A velocity decomposition method combining potential and viscous flow for the estimation of submarine's hydrodynamic coefficients

Abstract Estimating hydrodynamic coefficients is important in the design of submarines. To enhance the efficiency of the computational fluid dynamics (CFD) method for evaluating the hydrodynamic performance of submarines, we have developed a velocity decomposition solver for the simulation of a moving body based on the open-source CFD platform OpenFOAM. The total velocity is decomposed into potential flow velocity and non-potential flow velocity. The potential flow velocity is further decomposed into unit components, which can be computed by the proposed method with less interpolation cost.
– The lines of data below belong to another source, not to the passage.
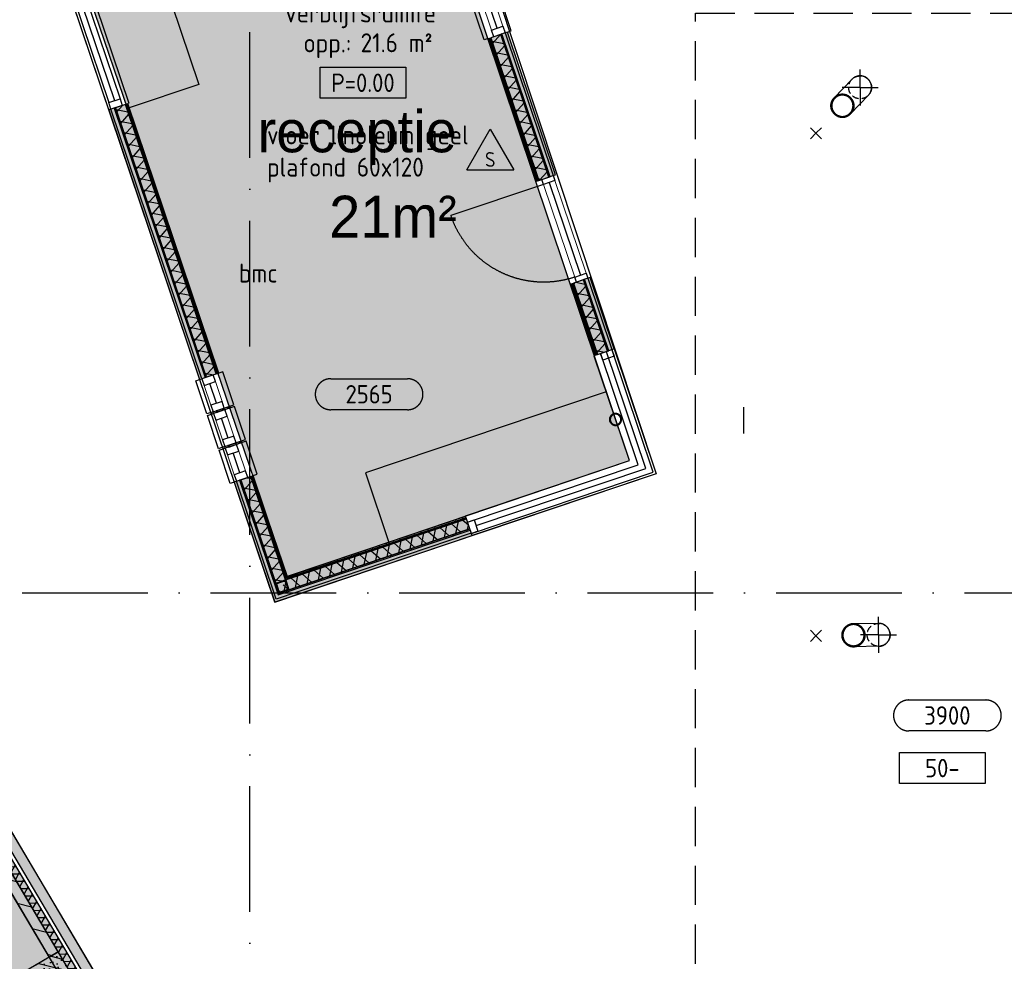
# Model space of a CAD drawing. Header units: millimetres. Extents: x 20872 to 297961, y -293704 to 213007.
# Tile 83 of 256: x 139960 to 149364, y -145918 to -136926. Entities that reach past the tile are written whole.
import ezdxf
from ezdxf.enums import TextEntityAlignment as Align
from ezdxf.xclip import XClip

# ---------------------------------------------------------------- set-up
doc = ezdxf.new("R2010")
doc.units = ezdxf.units.MM
doc.header["$LTSCALE"] = 100
doc.header["$XCLIPFRAME"] = 2
for name, pattern in [('ACAD_ISO03W100', [30, 12, -18]), ('ACAD_ISO10W100', [18, 12, -3, 0, -3]), ('HIDDEN2', [0.1875, 0.125, -0.0625])]:
    doc.linetypes.add(name, pattern=pattern)
doc.layers.get('Defpoints').update_dxf_attribs({"color": 181})
doc.layers.add('000vluchtwegen', color=7, linetype='Continuous', true_color=0xd1edc9)
for name, color, linetype in [('A--L$7--_stramien', 1, 'Continuous'), ('A--L20--_bovenbouw', 3, 'Continuous'), ('A--L28--_hoofddraagkonstrukties', 8, 'Continuous'), ('A--L30--_afbouw', 7, 'Continuous'), ('A--L65--_beveiligingsinstallaties', 8, 'Continuous'), ('A--L82--leerlingensets-02', 9, 'Continuous'), ('A--T$1--_algemeen', 1, 'Continuous'), ('A--T$1A-afwerking', 8, 'Continuous'), ('A--T$7--_stramien', 7, 'Continuous'), ('BURO_lijnen_0.18', 1, 'Continuous'), ('HATCH', 8, 'Continuous'), ('plattegrondkleuren', 7, 'Continuous'), ('teksten', 7, 'Continuous'), ('WIDE', 8, 'Continuous'), ('XREFS', 9, 'Continuous')]:
    doc.layers.add(name, color=color, linetype=linetype)
doc.styles.add('BURO standaard', font='isocp.shx')
doc.styles.add('JINX maatvoering', font='isocp.shx')
doc.styles.add('JINX standaard', font='isocp.shx')
doc.styles.add('MAAR_stempel', font='LTe50146.ttf')
doc.dimstyles.new('JINX maatvoering 1-100', dxfattribs={"dimscale": 100, "dimtxt": 2.5, "dimasz": 1, "dimexe": 125, "dimexo": 0, "dimtad": 1, "dimdec": 0, "dimzin": 12, "dimdsep": 46, "dimtxsty": 'JINX maatvoering', "dimblk": 'BURO_maatvoeringssymbool_01', "dimcen": 2, "dimse1": 1, "dimse2": 1, "dimclrd": 1, "dimclrt": 7, "dimadec": 0, "dimazin": 0, "dimtfac": 1, "dimtdec": 0, "dimtix": 1, "dimtofl": 0, "dimtmove": 0, "dimatfit": 3, "dimldrblk": 'DOT', "dimfxl": 1, "dimtolj": 1, "dimtzin": 0, "dimarcsym": 0})

# ---------------------------------------------------------------- blocks, each defined once
blk = doc.blocks.new('*U411')
at = {"layer": 'HATCH'}
h = blk.add_hatch(dxfattribs=at)
h.set_pattern_fill('ANSI32', color=256, scale=0.5, style=0)
h.set_pattern_definition([(45, (0, -136.5), (-3.3676, 3.3676), []), (45, (2.245, -136.5), (-3.3676, 3.3676), [])])
edge = h.paths.add_edge_path(flags=0)
edge.add_arc((0, -136.5), 136.5, 0, 360)
edge = h.paths.add_edge_path(flags=0)
edge.add_arc((0, -136.5), 126.5, 0, 360)
at = {"color": 0, "linetype": 'ByBlock'}
for radius in [136.5, 126.5]:
    blk.add_circle((0, -136.5), radius, dxfattribs=at)
blk = doc.blocks.new('*U421')
at = {"layer": 'WIDE'}
blk.add_blockref('*U411', (0, 136.5), dxfattribs=at)
blk = doc.blocks.new('*U482')
at = {"color": 9}
blk.add_line((0, -85.9), (0, 85.9), dxfattribs=at)
blk = doc.blocks.new('*U481')
at = {"color": 9, "linetype": 'HIDDEN2', "ltscale": 5}
blk.add_blockref('*U482', (118425.9, 6586.7), dxfattribs=at)
for p, rotation in [((118340, 6500.8), 90), ((118425.9, 6414.8), 180)]:
    blk.add_blockref('*U482', p, dxfattribs=dict(at, rotation=rotation))
at = {"color": 0, "linetype": 'ByBlock', "lineweight": -2, "rotation": 269.9999999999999}
blk.add_blockref('*U482', (118511.9, 6500.8), dxfattribs=at)
blk = doc.blocks.new('*U490')
at = {"color": 9}
blk.add_line((0, -85.9), (0, 85.9), dxfattribs=at)
blk = doc.blocks.new('*U489')
at = {"color": 9, "linetype": 'HIDDEN2', "ltscale": 5}
blk.add_blockref('*U490', (118425.9, 6586.7), dxfattribs=at)
for p, rotation in [((118340, 6500.8), 90), ((118425.9, 6414.8), 180)]:
    blk.add_blockref('*U490', p, dxfattribs=dict(at, rotation=rotation))
at = {"color": 0, "linetype": 'ByBlock', "lineweight": -2, "rotation": 269.9999999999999}
blk.add_blockref('*U490', (118511.9, 6500.8), dxfattribs=at)
blk = doc.blocks.new('*U405')
at = {"layer": 'HATCH'}
h = blk.add_hatch(dxfattribs=at)
h.set_pattern_fill('ANSI32', color=256, scale=0.5, style=0)
h.set_pattern_definition([(45, (0, -57.15), (-3.3676, 3.3676), []), (45, (2.245, -57.15), (-3.3676, 3.3676), [])])
edge = h.paths.add_edge_path(flags=0)
edge.add_arc((0, -57.15), 57.15, 0, 360)
edge = h.paths.add_edge_path(flags=0)
edge.add_arc((0, -57.15), 50.85, 0, 360)
at = {"color": 0, "linetype": 'ByBlock'}
for radius in [57.15, 50.85]:
    blk.add_circle((0, -57.15), radius, dxfattribs=at)
blk = doc.blocks.new('*U422')
at = {"layer": 'WIDE'}
blk.add_blockref('*U405', (0, 57.1), dxfattribs=at)
blk = doc.blocks.new('*U515')
at = {"layer": 'HATCH'}
h = blk.add_hatch(dxfattribs=at)
h.set_pattern_fill('ANSI32', color=256, scale=0.5, style=0)
h.set_pattern_definition([(45, (-50, 0), (-3.3676, 3.3676), []), (45, (-47.755, 0), (-3.3676, 3.3676), [])])
edge = h.paths.add_edge_path(flags=16)
edge.add_line((-37.4, -6.3), (37.4, -6.3))
edge.add_arc((37.4, -12.6), 6.3, 0, 90, ccw=False)
edge.add_line((43.7, -12.6), (43.7, -87.4))
edge.add_arc((37.4, -87.4), 6.3, -90, 0, ccw=False)
edge.add_line((37.4, -93.7), (-37.4, -93.7))
edge.add_arc((-37.4, -87.4), 6.3, 180, 270, ccw=False)
edge.add_line((-43.7, -87.4), (-43.7, -12.6))
edge.add_arc((-37.4, -12.6), 6.3, 90, 180, ccw=False)
edge = h.paths.add_edge_path()
edge.add_line((-37.4, 0), (37.4, 0))
edge.add_arc((37.4, -12.6), 12.6, 0, 90, ccw=False)
edge.add_line((50, -12.6), (50, -87.4))
edge.add_arc((37.4, -87.4), 12.6, -90, 0, ccw=False)
edge.add_line((37.4, -100), (-37.4, -100))
edge.add_arc((-37.4, -87.4), 12.6, 180, 270, ccw=False)
edge.add_line((-50, -87.4), (-50, -12.6))
edge.add_arc((-37.4, -12.6), 12.6, 90, 180, ccw=False)
at = {"color": 0, "linetype": 'ByBlock'}
for points in [[(-37.4, 0), (37.4, 0, -0.414214), (50, -12.6), (50, -87.4, -0.414214), (37.4, -100), (-37.4, -100, -0.414214), (-50, -87.4), (-50, -12.6, -0.414214)], [(-37.4, -6.3), (37.4, -6.3, -0.414214), (43.7, -12.6), (43.7, -87.4, -0.414214), (37.4, -93.7), (-37.4, -93.7, -0.414214), (-43.7, -87.4), (-43.7, -12.6, -0.414214)]]:
    blk.add_lwpolyline(points, format="xyb", close=True, dxfattribs=at)
blk = doc.blocks.new('*U543')
at = {"layer": 'WIDE'}
blk.add_blockref('*U515', (0, 0), dxfattribs=at)
blk = doc.blocks.new('*U438')
at = {"color": 9}
blk.add_line((0, -37.5), (0, 37.5), dxfattribs=at)
blk = doc.blocks.new('*U437')
at = {"layer": 'Defpoints', "color": 9, "linetype": 'HIDDEN2', "ltscale": 5}
for p, rotation in [((51608.3, 2835), 90), ((51645.8, 2797.5), 180)]:
    blk.add_blockref('*U438', p, dxfattribs=dict(at, rotation=rotation))
blk.add_blockref('*U438', (51645.8, 2872.5), dxfattribs=at)
at = {"layer": 'Defpoints', "color": 0, "linetype": 'ByBlock', "lineweight": -2, "rotation": 269.9999999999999}
blk.add_blockref('*U438', (51683.3, 2835), dxfattribs=at)
blk = doc.blocks.new('*U446')
at = {"color": 9}
blk.add_line((0, -37.5), (0, 37.5), dxfattribs=at)
blk = doc.blocks.new('*U445')
at = {"layer": 'Defpoints', "color": 9, "linetype": 'HIDDEN2', "ltscale": 5}
for p, rotation in [((51608.3, 2835), 90), ((51645.8, 2797.5), 180)]:
    blk.add_blockref('*U446', p, dxfattribs=dict(at, rotation=rotation))
blk.add_blockref('*U446', (51645.8, 2872.5), dxfattribs=at)
at = {"layer": 'Defpoints', "color": 0, "linetype": 'ByBlock', "lineweight": -2, "rotation": 269.9999999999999}
blk.add_blockref('*U446', (51683.3, 2835), dxfattribs=at)
blk = doc.blocks.new('AL_plafondhoog_01_P03_BV')
at = {"color": 1, "linetype": 'ByBlock', "lineweight": -2, "ltscale": 2}
for points in [[(-5.24, 2.11), (5.24, 2.11)], [(5.24, -2.11), (-5.24, -2.11)]]:
    blk.add_lwpolyline(points, dxfattribs=at)
at = {"color": 1, "linetype": 'ByBlock', "lineweight": -2}
for centre, start, end in [((-5.24, 0), 90, 270), ((5.24, 0), 270, 90)]:
    blk.add_arc(centre, 2.11, start, end, dxfattribs=at)
at = {"color": 2, "linetype": 'ByBlock', "lineweight": -2, "style": 'BURO standaard', "flags": 4}
blk.add_attdef('BURO_RTE:PLAFOND', text='', height=2.5, dxfattribs=at).set_placement((0, 0), align=Align.MIDDLE_CENTER)
blk = doc.blocks.new('BURO_onderaanzicht')
at = {"color": 7}
blk.add_line((-432, 0), (432, 0), dxfattribs=at)
blk = doc.blocks.new('AL_ruimteno_03_P03_BV_GLU-X11 (2)')
at = {"color": 1, "style": 'JINX standaard'}
blk.add_text('opp.:', height=1.8, dxfattribs=at).set_placement((-0.022, -9.722), align=Align.RIGHT)
at = {"color": 2, "linetype": 'ByBlock', "lineweight": -2, "style": 'BURO standaard', "flags": 4}
for tag, p in [('BURO_RTE:RUIMTENUMMER_LEEG', (0.69, 1.475)), ('BURO_RTE:RUIMTENUMMER_TOTAAL', (0.69, -2.595))]:
    blk.add_attdef(tag, text='', height=2.5, dxfattribs=at).set_placement(p, align=Align.MIDDLE_CENTER)
at = {"color": 1, "linetype": 'ByBlock', "lineweight": -2, "style": 'BURO standaard', "flags": 4}
blk.add_attdef('BURO_RTE:BOUWBESLUIT', text='', height=1.8, dxfattribs=at).set_placement((0.862, -5.971), align=Align.MIDDLE_CENTER)
blk.add_attdef('BURO_RTE:OPP', text='', height=1.8, dxfattribs=at).set_placement((0.862, -8.808), align=Align.MIDDLE_LEFT)
blk = doc.blocks.new('65_BMC_01t_P03_BV')
at = {"color": 2, "linetype": 'ByBlock', "lineweight": -2, "style": 'BURO standaard'}
blk.add_text('bmc', height=180, dxfattribs=at).set_placement((0, 0), align=Align.MIDDLE_CENTER)
blk = doc.blocks.new('65_handbrandblus_02_P03_BV')
at = {"color": 1, "lineweight": -2}
blk.add_line((0, 389.7), (225, 0), dxfattribs=at)
at = {"color": 1, "lineweight": -2, "ltscale": 2}
for points in [[(-225, 0), (0, 389.7)], [(-225, 0), (225, 0)]]:
    blk.add_lwpolyline(points, dxfattribs=at)
at = {"color": 2, "linetype": 'ByBlock', "lineweight": -2, "style": 'BURO standaard'}
blk.add_text('S', height=140.6, dxfattribs=at).set_placement((-49.9, 30.1))
blk = doc.blocks.new('AL_ruimteno_03_P03_BV_ruimteafwerking')
at = {"color": 1, "linetype": 'ByBlock', "lineweight": -2, "style": 'BURO standaard', "flags": 4}
for tag, p in [('BURO_RTE:VLOERAFWERKING', (0.862, 1.42)), ('BURO_RTE:PLAFONDAFWERKING', (0.862, -1.656)), ('BURO_RTE:WANDAFWERKING', (0.862, -4.732))]:
    blk.add_attdef(tag, text='', height=1.8, dxfattribs=at).set_placement(p, align=Align.MIDDLE_LEFT)
blk = doc.blocks.new('AL_vloerhoog_01_P03_BV')
at = {"color": 1, "linetype": 'ByBlock', "lineweight": -2, "ltscale": 2}
blk.add_lwpolyline([(-5.84, 2.11), (5.84, 2.11), (5.84, -2.11), (-5.84, -2.11)], close=True, dxfattribs=at)
at = {"color": 2, "linetype": 'ByBlock', "lineweight": -2, "style": 'BURO standaard', "flags": 4}
blk.add_attdef('BURO_RTE:VLOER', text='', height=2.5, dxfattribs=at).set_placement((0, 0), align=Align.MIDDLE_CENTER)
blk = doc.blocks.new('AB2_D_DV_MV_maatvoeringssymbool_01')
at = {"color": 1}
for p, q in [((0, -2), (0, 2)), ((-2, 0), (2, 0))]:
    blk.add_line(p, q, dxfattribs=at)
blk.add_circle((0, 0), 0.4, dxfattribs=at)
blk = doc.blocks.new('*D271')
at = {"layer": 'A--T$7--_stramien', "color": 1, "lineweight": -2, "transparency": 16777216}
blk.add_line((138284.3, -2741.7), (142059.5, -2741.7), dxfattribs=at)
at = {"layer": 'Defpoints', "color": 0, "transparency": 16777216}
for p in [(142159.5, 7599.3), (138184.4, -0.7), (142159.5, -2741.7)]:
    blk.add_point(p, dxfattribs=at)
at = {"layer": 'A--T$7--_stramien', "color": 1, "lineweight": -2, "transparency": 16777216, "xscale": 100, "yscale": 100, "zscale": 100}
for p, rotation in [((138184.3, -2741.7), 179.999530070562), ((142159.5, -2741.7), 359.9995300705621)]:
    blk.add_blockref('AB2_D_DV_MV_maatvoeringssymbool_01', p, dxfattribs=dict(at, rotation=rotation))
at = {"layer": 'A--T$7--_stramien', "color": 7, "transparency": 16777216, "insert": (140171.9, -2554.2), "char_height": 250, "attachment_point": 5, "rotation": 359.99953, "style": 'JINX maatvoering'}
blk.add_mtext('\\A1;3975', dxfattribs=at)
blk = doc.blocks.new('_Dot')
at = {"color": 0, "linetype": 'ByBlock', "lineweight": -2}
blk.add_line((-0.5, 0), (-1, 0), dxfattribs=at)
at = {"color": 0, "linetype": 'ByBlock', "const_width": 0.5}
blk.add_lwpolyline([(-0.25, 0, 1), (0.25, 0, 1)], format="xyb", close=True, dxfattribs=at)
blk = doc.blocks.new('BURO_maatvoeringssymbool_01')
at = {"color": 1}
for p, q in [((0, -2), (0, 2)), ((-2, 0), (2, 0))]:
    blk.add_line(p, q, dxfattribs=at)
blk.add_circle((0, 0), 0.4, dxfattribs=at)
blk = doc.blocks.new('kast')
at = {"layer": 'plattegrondkleuren', "true_color": 0xf5f5f5}
h = blk.add_hatch(color=7, dxfattribs=at)
h.dxf.hatch_style = 1
h.paths.add_polyline_path([(1200, 0), (1200, 450), (0, 450), (0, 0)])
at = {"layer": 'A--L82--leerlingensets-02', "linetype": 'ACAD_ISO03W100', "ltscale": 0.05}
for p, q in [((30, 0), (30, -570)), ((1170, 0), (1170, -570))]:
    blk.add_line(p, q, dxfattribs=at)
at = {"layer": 'A--L82--leerlingensets-02'}
blk.add_lwpolyline([(1200, 0), (1200, 450), (0, 450), (0, 0)], close=True, dxfattribs=at)
at = {"layer": 'A--L82--leerlingensets-02', "linetype": 'ACAD_ISO03W100', "ltscale": 0.05}
for centre, start, end in [((30, 0), 270, 0), ((1170, 0), 180, 270)]:
    blk.add_arc(centre, 570, start, end, dxfattribs=at)
blk = doc.blocks.new('stramienlijnen_1')
at = {"layer": 'A--L$7--_stramien', "color": 1, "linetype": 'ACAD_ISO10W100', "lineweight": -3}
for p, q in [((142159.5, -4446.5), (142159.5, 21000)), ((138184.5, 7600), (169405.3, 7600))]:
    blk.add_line(p, q, dxfattribs=at)
at = {"layer": 'A--T$7--_stramien', "color": 7}
dim = blk.add_linear_dim(base=(142159.5, -2741.7), p1=(138184.4, -0.7), p2=(142159.5, 7599.3), angle=179.99953, dimstyle='JINX maatvoering 1-100', override={"dimtmove": 1}, dxfattribs=at)
dim.commit()
dim.dimension.update_dxf_attribs({"geometry": '*D271', "text_midpoint": (140171.9, -2554.2)})
blk = doc.blocks.new('2016-02-04 100 begane grond bestaand')
at = {"layer": 'A--L20--_bovenbouw', "linetype": 'Continuous', "lineweight": -3}
h = blk.add_hatch(dxfattribs=at)
h.set_pattern_fill('GENERAL_DIAMONDS', color=1, scale=800, angle=-71.36971, style=0, pattern_type=2)
h.set_pattern_definition([(348.6303, (143754.06, 14995.89), (19.7139, 98.0376), []), (48.6303, (143754.06, 14995.89), (-75.046, 66.0915), [])])
h.paths.add_polyline_path([(143880.8, 14933.1), (143818, 14806.4), (144130.4, 13879.6), (144225.1, 13911.6)], flags=0)
h.paths.add_polyline_path([(144363.1, 13502.3), (144268.3, 13470.4), (144322.1, 13311.1), (144416.8, 13343)], flags=0)
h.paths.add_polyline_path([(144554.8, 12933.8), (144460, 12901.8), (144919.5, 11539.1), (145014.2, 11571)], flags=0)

Further, the original potential flow velocity can be recovered by linear summation of these unit velocity components. This avoids solving Laplace equation at each time step. The non-potential flow velocity is solved by using a complementary Navier–Stokes equation in a smaller domain as compared to that used in the conventional CFD method. In addition, a buffer source term is introduced for the transition of non-potential flow velocity to potential flow velocity. Oblique towing test and planar motion mechanism test are numerically simulated using the proposed method, which reveal good consistency between the experimental data and simulation results. This validates the efficiency and reliability of the proposed method in estimating the hydrodynamic coefficients of submarines.